■ Exercise aim ■
Where the data below begins, start duplicating lines exactly, and finish with the line containing "#147 = EDGE_CURVE"; add nothing else. Leave the pictures out.

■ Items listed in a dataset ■
[Start of section]

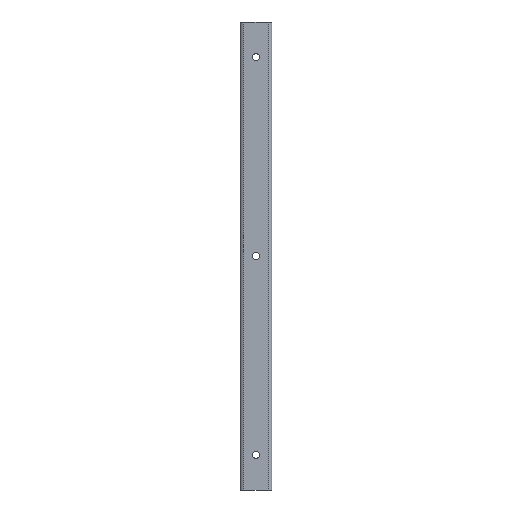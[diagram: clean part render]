
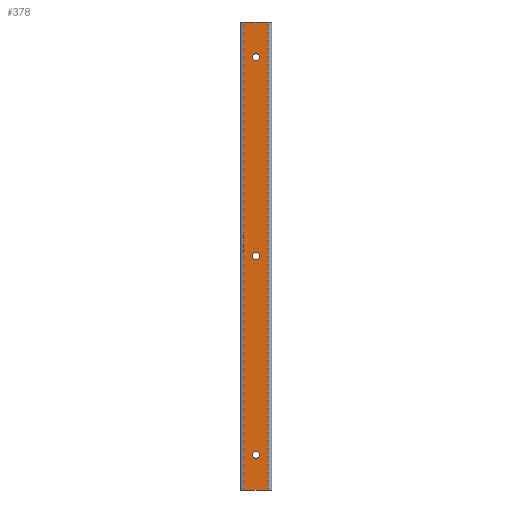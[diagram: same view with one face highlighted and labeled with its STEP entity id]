
A CAD part, front view. The second image highlights one B-rep face of the part: STEP entity #378.
In plain terms, the highlighted planar face has unit normal (0, -1, 0).
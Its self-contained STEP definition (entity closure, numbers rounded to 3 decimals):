
#1 = ORIENTED_EDGE ( 'NONE', *, *, #401, .F. ) ;
#4 = ORIENTED_EDGE ( 'NONE', *, *, #402, .F. ) ;
#5 = ORIENTED_EDGE ( 'NONE', *, *, #396, .T. ) ;
#6 = ORIENTED_EDGE ( 'NONE', *, *, #403, .T. ) ;
#7 = ORIENTED_EDGE ( 'NONE', *, *, #147, .T. ) ;
#29 = AXIS2_PLACEMENT_3D ( 'NONE', #799, #796, #801 ) ;
#49 = AXIS2_PLACEMENT_3D ( 'NONE', #869, #870, #871 ) ;
#50 = AXIS2_PLACEMENT_3D ( 'NONE', #873, #874, #875 ) ;
#51 = AXIS2_PLACEMENT_3D ( 'NONE', #881, #882, #883 ) ;
#81 = EDGE_LOOP ( 'NONE', ( #199, #201 ) ) ;
#82 = EDGE_LOOP ( 'NONE', ( #203, #202 ) ) ;
#83 = EDGE_LOOP ( 'NONE', ( #6, #7 ) ) ;
#84 = EDGE_LOOP ( 'NONE', ( #204, #1, #4, #5 ) ) ;
#147 = EDGE_CURVE ( 'NONE', #469, #466, #597, .T. ) ;
#149 = EDGE_CURVE ( 'NONE', #472, #471, #606, .T. ) ;
#153 = EDGE_CURVE ( 'NONE', #474, #475, #612, .T. ) ;
#199 = ORIENTED_EDGE ( 'NONE', *, *, #398, .T. ) ;
#201 = ORIENTED_EDGE ( 'NONE', *, *, #149, .T. ) ;
#202 = ORIENTED_EDGE ( 'NONE', *, *, #153, .T. ) ;
#203 = ORIENTED_EDGE ( 'NONE', *, *, #399, .T. ) ;
#204 = ORIENTED_EDGE ( 'NONE', *, *, #400, .T. ) ;
#313 = CARTESIAN_POINT ( 'NONE',  ( 13.5, 0., 30. ) ) ;
#314 = DIRECTION ( 'NONE',  ( 0., 1., 0. ) ) ;
#315 = DIRECTION ( 'NONE',  ( 0., 0., 1. ) ) ;
#318 = CARTESIAN_POINT ( 'NONE',  ( 13.5, 0., 200. ) ) ;
#319 = DIRECTION ( 'NONE',  ( 0., 1., 0. ) ) ;
#320 = DIRECTION ( 'NONE',  ( 0., 0., 1. ) ) ;
#328 = CARTESIAN_POINT ( 'NONE',  ( 13.5, 0., 370. ) ) ;
#329 = DIRECTION ( 'NONE',  ( 0., 1., 0. ) ) ;
#330 = DIRECTION ( 'NONE',  ( 0., 0., 1. ) ) ;
#378 = ADVANCED_FACE ( 'NONE', ( #662, #668, #651, #665 ), #797, .F. ) ;
#396 = EDGE_CURVE ( 'NONE', #492, #486, #701, .T. ) ;
#398 = EDGE_CURVE ( 'NONE', #471, #472, #704, .T. ) ;
#399 = EDGE_CURVE ( 'NONE', #475, #474, #705, .T. ) ;
#400 = EDGE_CURVE ( 'NONE', #486, #487, #706, .T. ) ;
#401 = EDGE_CURVE ( 'NONE', #489, #487, #707, .T. ) ;
#402 = EDGE_CURVE ( 'NONE', #492, #489, #702, .T. ) ;
#403 = EDGE_CURVE ( 'NONE', #466, #469, #711, .T. ) ;
#436 = AXIS2_PLACEMENT_3D ( 'NONE', #313, #314, #315 ) ;
#437 = AXIS2_PLACEMENT_3D ( 'NONE', #318, #319, #320 ) ;
#439 = AXIS2_PLACEMENT_3D ( 'NONE', #328, #329, #330 ) ;
#466 = VERTEX_POINT ( 'NONE', #927 ) ;
#469 = VERTEX_POINT ( 'NONE', #931 ) ;
#471 = VERTEX_POINT ( 'NONE', #933 ) ;
#472 = VERTEX_POINT ( 'NONE', #936 ) ;
#474 = VERTEX_POINT ( 'NONE', #937 ) ;
#475 = VERTEX_POINT ( 'NONE', #938 ) ;
#486 = VERTEX_POINT ( 'NONE', #949 ) ;
#487 = VERTEX_POINT ( 'NONE', #950 ) ;
#489 = VERTEX_POINT ( 'NONE', #952 ) ;
#492 = VERTEX_POINT ( 'NONE', #955 ) ;
#597 = CIRCLE ( 'NONE', #436, 3. ) ;
#606 = CIRCLE ( 'NONE', #437, 3. ) ;
#612 = CIRCLE ( 'NONE', #439, 3. ) ;
#651 = FACE_OUTER_BOUND ( 'NONE', #84, .T. ) ;
#662 = FACE_BOUND ( 'NONE', #81, .T. ) ;
#665 = FACE_BOUND ( 'NONE', #83, .T. ) ;
#668 = FACE_BOUND ( 'NONE', #82, .T. ) ;
#701 = LINE ( 'NONE', #858, #703 ) ;
#702 = LINE ( 'NONE', #872, #712 ) ;
#703 = VECTOR ( 'NONE', #855, 1000. ) ;
#704 = CIRCLE ( 'NONE', #49, 3. ) ;
#705 = CIRCLE ( 'NONE', #50, 3. ) ;
#706 = LINE ( 'NONE', #867, #708 ) ;
#707 = LINE ( 'NONE', #876, #710 ) ;
#708 = VECTOR ( 'NONE', #868, 1000. ) ;
#710 = VECTOR ( 'NONE', #877, 1000. ) ;
#711 = CIRCLE ( 'NONE', #51, 3. ) ;
#712 = VECTOR ( 'NONE', #878, 1000. ) ;
#796 = DIRECTION ( 'NONE',  ( 0., 1., 0. ) ) ;
#797 = PLANE ( 'NONE',  #29 ) ;
#799 = CARTESIAN_POINT ( 'NONE',  ( 3., 0., 400. ) ) ;
#801 = DIRECTION ( 'NONE',  ( 0., 0., 1. ) ) ;
#855 = DIRECTION ( 'NONE',  ( 0., 0., -1. ) ) ;
#858 = CARTESIAN_POINT ( 'NONE',  ( 3., 0., 400. ) ) ;
#867 = CARTESIAN_POINT ( 'NONE',  ( 3., 0., 0. ) ) ;
#868 = DIRECTION ( 'NONE',  ( 1., 0., 0. ) ) ;
#869 = CARTESIAN_POINT ( 'NONE',  ( 13.5, 0., 200. ) ) ;
#870 = DIRECTION ( 'NONE',  ( 0., 1., 0. ) ) ;
#871 = DIRECTION ( 'NONE',  ( 0., 0., 1. ) ) ;
#872 = CARTESIAN_POINT ( 'NONE',  ( 3., 0., 400. ) ) ;
#873 = CARTESIAN_POINT ( 'NONE',  ( 13.5, 0., 370. ) ) ;
#874 = DIRECTION ( 'NONE',  ( 0., 1., 0. ) ) ;
#875 = DIRECTION ( 'NONE',  ( 0., 0., 1. ) ) ;
#876 = CARTESIAN_POINT ( 'NONE',  ( 24., 0., 400. ) ) ;
#877 = DIRECTION ( 'NONE',  ( 0., 0., -1. ) ) ;
#878 = DIRECTION ( 'NONE',  ( 1., 0., 0. ) ) ;
#881 = CARTESIAN_POINT ( 'NONE',  ( 13.5, 0., 30. ) ) ;
#882 = DIRECTION ( 'NONE',  ( 0., 1., 0. ) ) ;
#883 = DIRECTION ( 'NONE',  ( 0., 0., 1. ) ) ;
#927 = CARTESIAN_POINT ( 'NONE',  ( 10.5, 0., 30. ) ) ;
#931 = CARTESIAN_POINT ( 'NONE',  ( 16.5, 0., 30. ) ) ;
#933 = CARTESIAN_POINT ( 'NONE',  ( 10.5, 0., 200. ) ) ;
#936 = CARTESIAN_POINT ( 'NONE',  ( 16.5, 0., 200. ) ) ;
#937 = CARTESIAN_POINT ( 'NONE',  ( 16.5, 0., 370. ) ) ;
#938 = CARTESIAN_POINT ( 'NONE',  ( 10.5, 0., 370. ) ) ;
#949 = CARTESIAN_POINT ( 'NONE',  ( 3., 0., 0. ) ) ;
#950 = CARTESIAN_POINT ( 'NONE',  ( 24., 0., 0. ) ) ;
#952 = CARTESIAN_POINT ( 'NONE',  ( 24., 0., 400. ) ) ;
#955 = CARTESIAN_POINT ( 'NONE',  ( 3., 0., 400. ) ) ;

[End of section]

■ Finished task ■
[diagram: clean part render]
[diagram: same view with one face highlighted and labeled with its STEP entity id]
A CAD part, front view. The second image highlights one B-rep face of the part: STEP entity #378.
In plain terms, the highlighted planar face has unit normal (0, -1, 0).
Its self-contained STEP definition (entity closure, numbers rounded to 3 decimals):
#1 = ORIENTED_EDGE ( 'NONE', *, *, #401, .F. ) ;
#4 = ORIENTED_EDGE ( 'NONE', *, *, #402, .F. ) ;
#5 = ORIENTED_EDGE ( 'NONE', *, *, #396, .T. ) ;
#6 = ORIENTED_EDGE ( 'NONE', *, *, #403, .T. ) ;
#7 = ORIENTED_EDGE ( 'NONE', *, *, #147, .T. ) ;
#29 = AXIS2_PLACEMENT_3D ( 'NONE', #799, #796, #801 ) ;
#49 = AXIS2_PLACEMENT_3D ( 'NONE', #869, #870, #871 ) ;
#50 = AXIS2_PLACEMENT_3D ( 'NONE', #873, #874, #875 ) ;
#51 = AXIS2_PLACEMENT_3D ( 'NONE', #881, #882, #883 ) ;
#81 = EDGE_LOOP ( 'NONE', ( #199, #201 ) ) ;
#82 = EDGE_LOOP ( 'NONE', ( #203, #202 ) ) ;
#83 = EDGE_LOOP ( 'NONE', ( #6, #7 ) ) ;
#84 = EDGE_LOOP ( 'NONE', ( #204, #1, #4, #5 ) ) ;
#147 = EDGE_CURVE ( 'NONE', #469, #466, #597, .T. ) ;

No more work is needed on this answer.